Neither certification has *anything* to do with normal Part 97 transmissions.
Last edited by Daemon; Nov 10, 2012 at 09:39 PM.
Interesting reading your post Ian as well as provided link
This is just a hobby for me and don't want to get so far into it but find it interesting
Again don't take me wrong I buy video Txs and stuff and use them just like most on rc groups
I talk to and ask questions recently to some people
One big store who sells major radio gear in Canada only sells certain things to actual ham licences people, I bought UHF yagi antenna for tx as example, and had to provide ham licence information in order to complete sale
Supposedly to import video Txs as example you have to have them tested first or else customs will not let them in, this is consumer protection and not to let in video Txs that are harmfull into the country
I understand the last post but it misses how these video Txs get into the country to be resold
There is major point that is missed
Being the loop hole of import and export as well as resale of untested non snickered video Txs
I bought from hobby king video Txs that are not legal as example recently for like $15 each
The shipping tag said rc toys and value
You see even hobby king
Sells video Txs as example to just anyone and also those that are illegal and have to pass through customs but slip through undetected
Canada must be very similar to the USA of a
I thought USA was more strict
I've been searching RC groups for a few days with no luck. So If someone could point me in the right direction or different thread that would awesome.
long story short
I'm getting some interference from my 2.4ghz tx on my 5.8ghz AV reciever. as seen in the youtube vid.

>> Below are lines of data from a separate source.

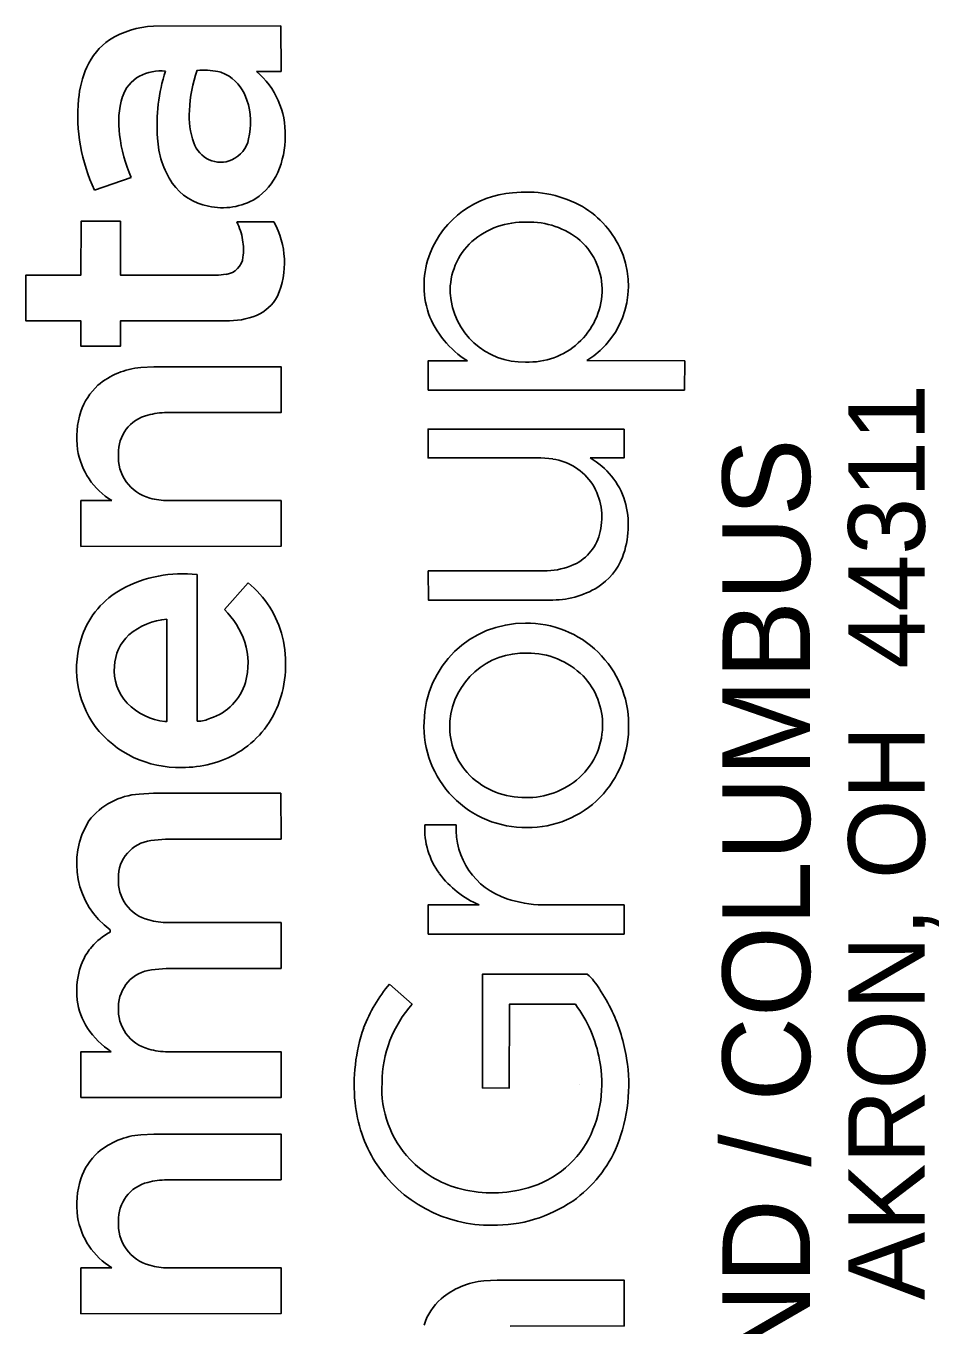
# Model space of a CAD drawing. Extents: x 0 to 1700, y 0 to 1100.
# Drawn here: x 1619.48 to 1649.21, y 167.17 to 209.46 of the extents above; entities that cross this region are included whole.
import ezdxf

# ---------------------------------------------------------------- set-up
doc = ezdxf.new("R2010")
doc.units = 0
doc.layers.add('SH_Data', color=7, linetype='Continuous')

msp = doc.modelspace()

# ---------------------------------------------------------------- linework, layer by layer
at = {"layer": 'SH_Data'}
for p, q in [((1623.633, 209.45), (1627.776, 209.459)), ((1627.776, 209.459), (1627.786, 207.978)), ((1627.786, 207.978), (1626.986, 207.978)), ((1622.909, 204.522), (1621.715, 204.116)), ((1621.271, 201.352), (1621.274, 203.104)), ((1621.274, 203.104), (1622.554, 203.104)), ((1622.554, 203.104), (1622.559, 201.352)), ((1626.348, 203.08), (1627.555, 203.08)), ((1619.482, 201.35), (1621.271, 201.352)), ((1619.482, 199.86), (1619.482, 201.35)), ((1622.559, 201.352), (1625.749, 201.352)), ((1625.749, 201.352), (1626.002, 201.375)), ((1621.271, 199.859), (1619.482, 199.86)), ((1621.271, 199.033), (1621.271, 199.859)), ((1625.984, 199.859), (1622.554, 199.858)), ((1622.554, 199.858), (1622.554, 199.033)), ((1622.554, 199.033), (1621.271, 199.033)), ((1623.219, 198.343), (1623.645, 198.366)), ((1623.645, 198.366), (1627.785, 198.366)), ((1627.785, 198.366), (1627.786, 196.877)), ((1632.576, 197.607), (1632.576, 198.557)), ((1632.576, 198.557), (1633.855, 198.557)), ((1637.746, 198.566), (1640.929, 198.554)), ((1640.929, 198.554), (1640.921, 197.607)), ((1640.921, 197.607), (1632.576, 197.607)), ((1627.786, 196.877), (1624.07, 196.873)), ((1632.576, 195.4), (1632.576, 196.336)), ((1632.576, 196.336), (1638.955, 196.332)), ((1638.955, 196.332), (1638.954, 195.398)), ((1636.245, 195.398), (1632.576, 195.4)), ((1636.64, 195.364), (1636.245, 195.398)), ((1638.954, 195.398), (1637.845, 195.398)), ((1621.271, 194.008), (1622.276, 194.01)), ((1621.271, 192.517), (1621.271, 194.008)), ((1624.111, 194.01), (1627.785, 194.01)), ((1627.785, 194.01), (1627.786, 192.522)), ((1627.786, 192.522), (1621.271, 192.517)), ((1625.054, 191.604), (1625.059, 186.829)), ((1632.577, 191.722), (1636.453, 191.725)), ((1632.583, 190.771), (1632.577, 191.722)), ((1625.941, 190.463), (1626.711, 191.331)), ((1636.537, 190.771), (1632.583, 190.771)), ((1624.072, 186.822), (1624.072, 190.148)), ((1624.008, 186.814), (1624.072, 186.822)), ((1623.165, 184.457), (1623.629, 184.484)), ((1623.629, 184.484), (1627.779, 184.484)), ((1627.779, 184.484), (1627.786, 182.991)), ((1632.466, 183.453), (1633.489, 183.453)), ((1624.029, 182.99), (1623.551, 182.941)), ((1627.786, 182.991), (1624.029, 182.99)), ((1632.576, 179.9), (1632.576, 180.85)), ((1632.576, 180.85), (1634.238, 180.85)), ((1636.302, 180.851), (1638.955, 180.848)), ((1638.955, 180.848), (1638.952, 179.9)), ((1624.109, 180.276), (1627.786, 180.274)), ((1627.786, 180.274), (1627.786, 178.784)), ((1622.222, 179.961), (1622.228, 180.036)), ((1638.952, 179.9), (1632.576, 179.9)), ((1624.045, 178.783), (1623.572, 178.737)), ((1627.786, 178.784), (1624.045, 178.783)), ((1634.34, 178.592), (1637.758, 178.596)), ((1634.34, 174.889), (1634.34, 178.592)), ((1631.318, 178.274), (1632.057, 177.621)), ((1635.224, 177.62), (1635.216, 174.888)), ((1637.368, 177.614), (1635.224, 177.62)), ((1621.271, 174.576), (1621.272, 176.069)), ((1621.272, 176.069), (1622.257, 176.069)), ((1624.103, 176.069), (1627.786, 176.068)), ((1627.786, 176.068), (1627.786, 174.578)), ((1635.216, 174.888), (1634.34, 174.889)), ((1637.5, 175), (1637.5, 175)), ((1627.786, 174.578), (1621.271, 174.576)), ((1623.219, 173.368), (1623.645, 173.391)), ((1623.645, 173.391), (1627.785, 173.391)), ((1627.785, 173.391), (1627.786, 171.902)), ((1627.786, 171.902), (1624.07, 171.898)), ((1621.271, 169.033), (1622.276, 169.036)), ((1621.271, 167.543), (1621.271, 169.033)), ((1624.111, 169.036), (1627.785, 169.036)), ((1627.785, 169.036), (1627.786, 167.548)), ((1634.392, 168.61), (1634.817, 168.633)), ((1634.817, 168.633), (1638.958, 168.633)), ((1638.958, 168.633), (1638.958, 167.144)), ((1627.786, 167.548), (1621.271, 167.543))]:
    msp.add_line(p, q, dxfattribs=at)
for points in [[(1623.633, 209.45), (1627.776, 209.459), (1627.786, 207.978)], [(1627.786, 207.978), (1626.986, 207.978)], [(1622.909, 204.522), (1621.715, 204.116)], [(1625.984, 199.859), (1622.554, 199.858), (1622.554, 199.033), (1621.271, 199.033), (1621.271, 199.859), (1619.482, 199.86), (1619.482, 201.35), (1621.271, 201.352), (1621.274, 203.104), (1622.554, 203.104), (1622.559, 201.352), (1625.749, 201.352), (1626.002, 201.375)], [(1626.348, 203.08), (1627.555, 203.08)], [(1623.219, 198.343), (1623.645, 198.366), (1627.785, 198.366), (1627.786, 196.877), (1624.07, 196.873)], [(1637.746, 198.566), (1640.929, 198.554), (1640.921, 197.607), (1632.576, 197.607)], [(1632.576, 197.607), (1632.576, 198.557), (1633.855, 198.557)], [(1636.64, 195.364), (1636.245, 195.398), (1632.576, 195.4), (1632.576, 196.336), (1638.955, 196.332), (1638.954, 195.398), (1637.845, 195.398)], [(1621.271, 192.517), (1621.271, 194.008), (1622.276, 194.01)], [(1624.111, 194.01), (1627.785, 194.01), (1627.786, 192.522), (1621.271, 192.517)], [(1625.054, 191.604), (1625.059, 186.829)], [(1636.537, 190.771), (1632.583, 190.771), (1632.577, 191.722), (1636.453, 191.725)], [(1625.941, 190.463), (1626.711, 191.331)], [(1624.008, 186.814), (1624.072, 186.822), (1624.072, 190.148)], [(1623.165, 184.457), (1623.629, 184.484), (1627.779, 184.484), (1627.786, 182.991), (1624.029, 182.99), (1623.551, 182.941)], [(1632.466, 183.453), (1633.489, 183.453)], [(1636.302, 180.851), (1638.955, 180.848), (1638.952, 179.9), (1632.576, 179.9)], [(1632.576, 179.9), (1632.576, 180.85), (1634.238, 180.85)], [(1624.109, 180.276), (1627.786, 180.274), (1627.786, 178.784), (1624.045, 178.783), (1623.572, 178.737)], [(1622.222, 179.961), (1622.228, 180.036)], [(1637.368, 177.614), (1635.224, 177.62), (1635.216, 174.888), (1634.34, 174.889), (1634.34, 178.592), (1637.758, 178.596)], [(1631.318, 178.274), (1632.057, 177.621)], [(1621.271, 174.576), (1621.272, 176.069), (1622.257, 176.069)], [(1624.103, 176.069), (1627.786, 176.068), (1627.786, 174.578), (1621.271, 174.576)], [(1623.219, 173.368), (1623.645, 173.391), (1627.785, 173.391), (1627.786, 171.902), (1624.07, 171.898)], [(1621.271, 167.543), (1621.271, 169.033), (1622.276, 169.036)], [(1624.111, 169.036), (1627.785, 169.036), (1627.786, 167.548), (1621.271, 167.543)], [(1634.392, 168.61), (1634.817, 168.633), (1638.958, 168.633), (1638.958, 167.144), (1635.242, 167.14)]]:
    msp.add_lwpolyline(points, dxfattribs=at)
for centre, radius, start, end in [((1623.726, 206.628), 2.823, 91.8942, 122.6317), ((1623.726, 206.628), 2.823, 91.8942, 122.6317), ((1623.423, 207.234), 2.151, 124.537, 155.6594), ((1623.423, 207.234), 2.151, 124.537, 155.6594), ((1624.412, 206.806), 3.228, 155.9764, 175.3149), ((1624.412, 206.806), 3.228, 155.9764, 175.3149), ((1623.763, 206.78), 1.2, 119.4252, 161.6629), ((1623.763, 206.78), 1.2, 119.4252, 161.6629), ((1623.893, 206.389), 1.607, 85.3802, 116.6222), ((1623.893, 206.389), 1.607, 85.3802, 116.6222), ((1629.394, 206.254), 5.645, 162.0821, 184.5285), ((1629.394, 206.254), 5.645, 162.0821, 184.5285), ((1629.007, 206.566), 4.205, 159.8366, 178.0362), ((1629.007, 206.566), 4.205, 159.8366, 178.0362), ((1625.255, 205.371), 2.651, 79.6696, 94.2322), ((1625.255, 205.371), 2.651, 79.6696, 94.2322), ((1625.446, 206.822), 1.192, 56.8913, 76.2149), ((1625.446, 206.822), 1.192, 56.8913, 76.2149), ((1625.26, 206.592), 1.486, 17.5984, 55.7282), ((1625.26, 206.592), 1.486, 17.5984, 55.7282), ((1625.276, 205.957), 2.647, 358.0746, 49.762), ((1625.276, 205.957), 2.647, 358.0746, 49.762), ((1626.82, 206.539), 5.65, 174.6101, 205.3899), ((1626.82, 206.539), 5.65, 174.6101, 205.3899), ((1625.379, 206.323), 2.879, 163.1369, 188.1675), ((1625.379, 206.323), 2.879, 163.1369, 188.1675), ((1624.58, 206.32), 2.217, 345.9408, 18.9919), ((1624.58, 206.32), 2.217, 345.9408, 18.9919), ((1627.328, 206.515), 2.531, 175.5903, 199.8857), ((1627.328, 206.515), 2.531, 175.5903, 199.8857), ((1627.363, 206.487), 4.867, 186.7598, 203.7981), ((1627.363, 206.487), 4.867, 186.7598, 203.7981), ((1626.639, 205.937), 2.876, 182.5676, 213.7144), ((1626.639, 205.937), 2.876, 182.5676, 213.7144), ((1625.821, 205.943), 0.92, 198.2844, 293.3081), ((1625.821, 205.943), 0.92, 198.2844, 293.3081), ((1625.76, 205.997), 0.995, 295.2883, 347.4639), ((1625.76, 205.997), 0.995, 295.2883, 347.4639), ((1625.093, 205.839), 2.828, 336.016, 0.5951), ((1625.093, 205.839), 2.828, 336.016, 0.5951), ((1625.876, 205.485), 1.969, 303.4436, 336.18), ((1625.876, 205.485), 1.969, 303.4436, 336.18), ((1625.743, 205.391), 1.828, 215.0668, 259.8133), ((1625.743, 205.391), 1.828, 215.0668, 259.8133), ((1625.877, 205.655), 2.113, 257.5256, 300.882), ((1625.877, 205.655), 2.113, 257.5256, 300.882), ((1635.54, 200.912), 3.122, 93.9866, 158.3119), ((1635.54, 200.912), 3.122, 93.9866, 158.3119), ((1635.779, 200.325), 3.729, 62.6889, 97.0135), ((1635.779, 200.325), 3.729, 62.6889, 97.0135), ((1636.062, 200.957), 3.038, 25.0657, 61.9602), ((1636.062, 200.957), 3.038, 25.0657, 61.9602), ((1624.313, 202.099), 2.259, 10.1545, 25.723), ((1624.313, 202.099), 2.259, 10.1545, 25.723), ((1625.151, 201.753), 2.746, 336.589, 28.8991), ((1625.151, 201.753), 2.746, 336.589, 28.8991), ((1635.69, 200.508), 2.567, 87.8965, 131.1812), ((1635.69, 200.508), 2.567, 87.8965, 131.1812), ((1635.875, 200.511), 2.564, 49.9089, 92.0363), ((1635.875, 200.511), 2.564, 49.9089, 92.0363), ((1624.786, 202.182), 1.778, 351.914, 10.2059), ((1624.786, 202.182), 1.778, 351.914, 10.2059), ((1635.46, 200.837), 2.169, 132.3289, 182.0949), ((1635.46, 200.837), 2.169, 132.3289, 182.0949), ((1636.077, 200.866), 2.163, 358.0487, 47.9447), ((1636.077, 200.866), 2.163, 358.0487, 47.9447), ((1636.225, 201.002), 2.871, 301.9776, 25.6418), ((1636.225, 201.002), 2.871, 301.9776, 25.6418), ((1625.919, 202.001), 0.632, 277.6142, 353.7918), ((1625.919, 202.001), 0.632, 277.6142, 353.7918), ((1635.348, 201.008), 2.907, 158.656, 198.171), ((1635.348, 201.008), 2.907, 158.656, 198.171), ((1626.456, 201.306), 1.375, 292.6889, 332.0598), ((1626.456, 201.306), 1.375, 292.6889, 332.0598), ((1635.676, 200.907), 2.388, 183.5974, 271.7045), ((1635.676, 200.907), 2.388, 183.5974, 271.7045), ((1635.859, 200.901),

I noticed it when when I only come closer to the screen/ground station when flying FPV all other times its crystal clear. it starts about 2m away from the Ground station The Interference also happens when the 2.4 TX aerial is at different orientations. overall pretty annoying as I've missed something along the way.. I must also explain that while the video shows that I am almost touching the Antenna with my TX. When I'm flying I've got about a 2m zone around the screen before I get that type of interference(the antenna is normally on a tripod about 3m away from the screen.)
I've eliminated the fact that the interference might be caused from the plane/video tx as there is no interference when I move my TX closer to the Video TX.
I've tried a few ferrite rings as well and LP filters etc with no success on ground station as well
The list of equipment is as follows.
200mW 5.8Ghz video tx/ rx set. running off 3s lipos and sony CCD camera.
(these have a CP tx antenna and Clover leaf RX antenna.
flysky/turnigy 9x transmitter
7" LCD screen running off 12v
also a HK tiny OSD (but that is only a new addition and I was getting the interference before that was installed.
I know the easy answer get a pair of goggles and get further away from the ground station.... but i do want still fly fpv..
Any Ideas?? oh yeah sorry for the rushed explanation..
Last edited by meh32; Nov 15, 2012 at 09:13 PM.
It's the rx you need to be concerned about
I mount video tx right on top of esc and have great video
Tx only output and as long as wires don't cross and placed well can be put near noisy things
I actually mount video,tx and esc together with gap
So the same cooling set up cools,both
It's like a video tx and esc sandwich and has no problems
Ground tests will show you this
Depending on your choice of fpv components
You will have no problem
It's the cameras that are real,problems more or,less
Thanks for sharing this advice, Brian!
Thanks for sharing this awesome & helpful information with the community!
I wish I had this advice back when I started into FPV... this is great advice.
Last edited by kevinhines; Nov 24, 2012 at 03:15 PM.